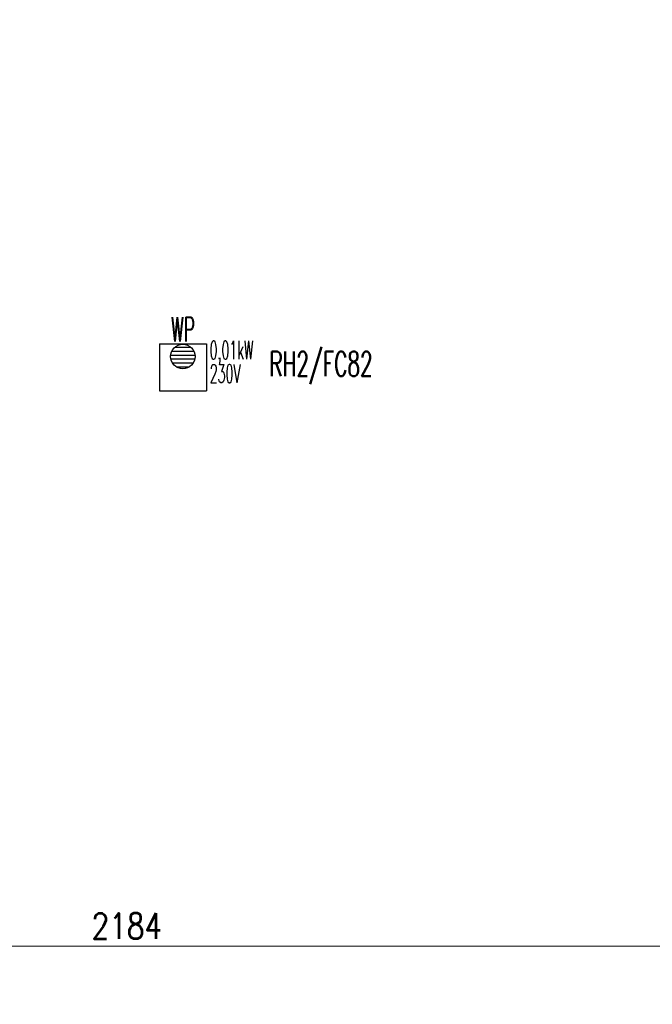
# Model space of a CAD drawing. Header units: millimetres. Extents: x -7955266 to 72030, y -46136 to 9299934.
# Tile 191 of 203: x -5026705 to -5016369, y 6615161 to 6631232. Entities that reach past the tile are written whole.
import ezdxf
from ezdxf.enums import TextEntityAlignment as Align

# ---------------------------------------------------------------- set-up
doc = ezdxf.new("R2010")
doc.units = ezdxf.units.MM
doc.header["$LTSCALE"] = 10
for name, color, linetype, lineweight in [('!XREF', 8, 'Continuous', 5), ('BMS_urzadzenia_nr_obw_magistrala', 140, 'Continuous', 13), ('BMS_urzadzenia_WE_WY', 30, 'Continuous', 20), ('IE_ATRYBUTY_ BLOCK_1', 7, 'Continuous', 25), ('IE_ATRYBUTY_ BLOCK_2', 7, 'Continuous', 18), ('IE_urzadzenia', 30, 'Continuous', 25), ('IE_urzadzenia_nr_obw', 94, 'Continuous', 20), ('XREF_E_PRZ24002_rzut dachu$0$0-DACH-ISTN', 8, 'Continuous', 5), ('XREF_E_PRZ24002_rzut dachu$0$DO-HALA-WYMIAR', 8, 'Continuous', 5)]:
    doc.layers.add(name, color=color, linetype=linetype, lineweight=lineweight)
doc.styles.add('ROMANS', font='romans.shx', dxfattribs={"width": 0.8})
doc.styles.add('XREF_E_PRZ24002_rzut dachu$0$CP_ATTR', font='ROMANS.SHX')
doc.styles.add('XREF_E_PRZ24002_rzut dachu$0$ROMANS', font='romans.shx', dxfattribs={"width": 0.8})
doc.dimstyles.new('XREF_E_PRZ24002_rzut dachu$0$STANDARD', dxfattribs={"dimscale": 1.4, "dimtxt": 21, "dimasz": 0.5, "dimexe": 0.2, "dimexo": 0.1, "dimgap": 6, "dimtad": 1, "dimdec": 1, "dimrnd": 0.5, "dimzin": 12, "dimdsep": 46, "dimtxsty": 'XREF_E_PRZ24002_rzut dachu$0$ROMANS', "dimblk1": 'XREF_E_PRZ24002_rzut dachu$0$Q', "dimblk2": 'XREF_E_PRZ24002_rzut dachu$0$Q', "dimsah": 1, "dimcen": 0.5, "dimse1": 1, "dimse2": 1, "dimclrd": 8, "dimclre": 8, "dimclrt": 7, "dimadec": 0, "dimazin": 0, "dimtfac": 1, "dimtdec": 1, "dimtix": 1, "dimtmove": 2, "dimatfit": 3, "dimldrblk": 'XREF_E_PRZ24002_rzut dachu$0$Q', "dimfxl": 1, "dimtolj": 1, "dimtzin": 12, "dimarcsym": 0})

# ---------------------------------------------------------------- blocks, each defined once
blk = doc.blocks.new('XREF_E_PRZ24002_rzut dachu$0$Q')
for p, q in [((0, 20), (0, -20)), ((10.6, 10.6), (-10.6, -10.6))]:
    blk.add_line(p, q)
blk = doc.blocks.new('*D331')
at = {"layer": 'XREF_E_PRZ24002_rzut dachu$0$DO-HALA-WYMIAR', "color": 8, "lineweight": -2, "transparency": 16777216}
blk.add_line((-261801.2, 266529.5), (-259619.2, 266529.5), dxfattribs=at)
at = {"layer": 'XREF_E_PRZ24002_rzut dachu$0$DO-HALA-WYMIAR', "color": 8, "linetype": 'ByBlock', "lineweight": -2, "transparency": 16777216, "rotation": 180}
blk.add_blockref('XREF_E_PRZ24002_rzut dachu$0$Q', (-261802.2, 266529.5), dxfattribs=at)
at = {"layer": 'XREF_E_PRZ24002_rzut dachu$0$DO-HALA-WYMIAR', "color": 8, "linetype": 'ByBlock', "lineweight": -2, "transparency": 16777216}
blk.add_blockref('XREF_E_PRZ24002_rzut dachu$0$Q', (-259618.2, 266529.5), dxfattribs=at)
at = {"layer": 'XREF_E_PRZ24002_rzut dachu$0$DO-HALA-WYMIAR', "color": 7, "transparency": 16777216, "insert": (-260806, 266562.5), "char_height": 42, "attachment_point": 5, "style": 'XREF_E_PRZ24002_rzut dachu$0$ROMANS'}
blk.add_mtext('\\A1;2184', dxfattribs=at)
blk = doc.blocks.new('urzadzenie_wpust dachowy')
h = blk.add_hatch()
h.set_pattern_fill('ANSI31', color=256, scale=10, angle=315, style=0)
h.set_pattern_definition([(0, (3e-14, -297.45), (1e-14, 31.75), [])])
edge = h.paths.add_edge_path()
edge.add_arc((-0.6, -104.3), 100, 0, 360)
for p, q in [((-191.9, 0), (191.9, 0)), ((-191.9, 0), (-191.9, -384)), ((191.9, 0), (191.9, -384)), ((-191.9, -384), (191.9, -384))]:
    blk.add_line(p, q)
blk.add_circle((-0.6, -104.3), 100)
at = {"layer": 'BMS_urzadzenia_nr_obw_magistrala', "style": 'ROMANS', "width": 0.5, "flags": 8}
blk.add_attdef('ADR_BMS', (238.6, -152.5), '', height=150, dxfattribs=at)
at = {"layer": 'BMS_urzadzenia_WE_WY', "style": 'ROMANS', "width": 0.5, "flags": 8}
blk.add_attdef('BMS_WE_WY', (238.6, -357.6), '', height=150, dxfattribs=at)
at = {"layer": 'IE_ATRYBUTY_ BLOCK_1', "style": 'ROMANS', "width": 0.5, "flags": 8}
blk.add_attdef('TYP', text='', height=200, dxfattribs=at).set_placement((-0.6, 17.8), align=Align.CENTER)
at = {"layer": 'IE_ATRYBUTY_ BLOCK_2', "style": 'ROMANS', "width": 0.5, "flags": 8}
for tag, p in [('OPIS1', (-0.6, -365.8)), ('OPIS2', (-0.6, -758.8))]:
    blk.add_attdef(tag, text='', height=150, dxfattribs=at).set_placement(p, align=Align.CENTER)
at = {"layer": 'IE_urzadzenia_nr_obw', "style": 'ROMANS', "width": 0.5, "flags": 8}
blk.add_attdef('NR_OBW', text='', height=150, dxfattribs=at).set_placement((-0.6, -570), align=Align.CENTER)
blk = doc.blocks.new('XREF_E_PRZ24002_rzut dachu')
at = {"layer": 'XREF_E_PRZ24002_rzut dachu$0$0-DACH-ISTN', "linetype": 'ByBlock', "style": 'XREF_E_PRZ24002_rzut dachu$0$CP_ATTR', "flags": 9}
for tag, p, height, width in [('NAME', (-279644.05, 267204.19), 0.01, 3.078589), ('PRODUCER', (-279644.05, 267204.19), 0.01, 3.078589), ('PRODUCT-TYPE', (-279644.05, 267204.19), 0.01, 3.078589), ('ARTICLE', (-279644.05, 267204.19), 0.01, 3.078589), ('FLOW', (-279644.05, 267204.19), 0.01, 3.078589), ('OTHER', (-279644.05, 267204.19), 0.01, 3.078589), ('NAME', (-279398.18, 267206.19), 0.01, 2.430116), ('PRODUCER', (-279398.18, 267206.19), 0.01, 2.430116), ('PRODUCT-TYPE', (-279398.18, 267206.19), 0.01, 2.430116), ('ARTICLE', (-279398.18, 267206.19), 0.01, 2.430116), ('FLOW', (-279398.18, 267206.19), 0.01, 2.430116), ('OTHER', (-279398.18, 267206.19), 0.01, 2.430116), ('NAME', (-279880.82, 267079.33), 0.01, 0.520644), ('PRODUCER', (-279880.82, 267079.33), 0.01, 0.520644), ('PRODUCT-TYPE', (-279880.82, 267079.33), 0.01, 0.520644), ('ARTICLE', (-279880.82, 267079.33), 0.01, 0.520644), ('FLOW', (-279880.82, 267079.33), 0.01, 0.520644), ('OTHER', (-279880.82, 267079.33), 0.01, 0.520644), ('NAME', (-279828.75, 267079.33), 0.0001, 1), ('PRODUCER', (-279828.75, 267079.33), 0.0001, 1), ('PRODUCT-TYPE', (-279828.75, 267079.33), 0.0001, 1), ('ARTICLE', (-279828.75, 267079.33), 0.0001, 1), ('FLOW', (-279828.75, 267079.33), 0.0001, 1), ('OTHER', (-279828.75, 267079.33), 0.0001, 1), ('NAME', (-279558.18, 266590.11), 0.0001, 1), ('PRODUCER', (-279558.18, 266590.11), 0.0001, 1), ('PRODUCT-TYPE', (-279558.18, 266590.11), 0.0001, 1), ('ARTICLE', (-279558.18, 266590.11), 0.0001, 1), ('FLOW', (-279558.18, 266590.11), 0.0001, 1), ('OTHER', (-279558.18, 266590.11), 0.0001, 1), ('NAME', (-280739.27, 251288.91), 0.0001, 1), ('PRODUCER', (-280739.27, 251288.91), 0.0001, 1), ('PRODUCT-TYPE', (-280739.27, 251288.91), 0.0001, 1), ('ARTICLE', (-280739.27, 251288.91), 0.0001, 1), ('FLOW', (-280739.27, 251288.91), 0.0001, 1), ('OTHER', (-280739.27, 251288.91), 0.0001, 1), ('NAME', (-280605.65, 251288.91), 0.0001, 1), ('PRODUCER', (-280605.65, 251288.91), 0.0001, 1), ('PRODUCT-TYPE', (-280605.65, 251288.91), 0.0001, 1), ('ARTICLE', (-280605.65, 251288.91), 0.0001, 1), ('FLOW', (-280605.65, 251288.91), 0.0001, 1), ('OTHER', (-280605.65, 251288.91), 0.0001, 1), ('NAME', (-279957.38, 251288.91), 0.0001, 1), ('PRODUCER', (-279957.38, 251288.91), 0.0001, 1), ('PRODUCT-TYPE', (-279957.38, 251288.91), 0.0001, 1), ('ARTICLE', (-279957.38, 251288.91), 0.0001, 1), ('FLOW', (-279957.38, 251288.91), 0.0001, 1), ('OTHER', (-279957.38, 251288.91), 0.0001, 1)]:
    blk.add_attdef(tag, p, '', height=height, dxfattribs=dict(at, width=width))
for tag, p, height, rotation, width in [('PRODUCT-TYPE', (-279196.19, 267204.19), 0.0001, 180, 1), ('NAME', (-279196.19, 267204.19), 0.0001, 180, 1), ('PRODUCER', (-279196.19, 267204.19), 0.0001, 180, 1), ('ARTICLE', (-279196.19, 267204.19), 0.0001, 180, 1), ('FLOW', (-279196.19, 267204.19), 0.0001, 180, 1), ('OTHER', (-279196.19, 267204.19), 0.0001, 180, 1), ('PRODUCT-TYPE', (-279109.07, 267204.19), 0.015, 180, 0.580797), ('PRODUCER', (-279109.07, 267204.19), 0.015, 180, 0.580797), ('ARTICLE', (-279109.07, 267204.19), 0.015, 180, 0.580797), ('NAME', (-279109.07, 267204.19), 0.015, 180, 0.580797), ('FLOW', (-279109.07, 267204.19), 0.015, 180, 0.580797), ('OTHER', (-279109.07, 267204.19), 0.015, 180, 0.580797), ('NAME', (-279015.17, 267206.19), 0.0001, 180, 1), ('PRODUCER', (-279015.17, 267206.19), 0.0001, 180, 1), ('PRODUCT-TYPE', (-279015.17, 267206.19), 0.0001, 180, 1), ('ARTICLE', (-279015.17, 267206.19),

..........

:: WHAT YOU HAVE TO DO ::
Every line above carrying the word "import" needs to be shown.

:: TASK OUTPUT ::
import ezdxf
from ezdxf.enums import TextEntityAlignment as Align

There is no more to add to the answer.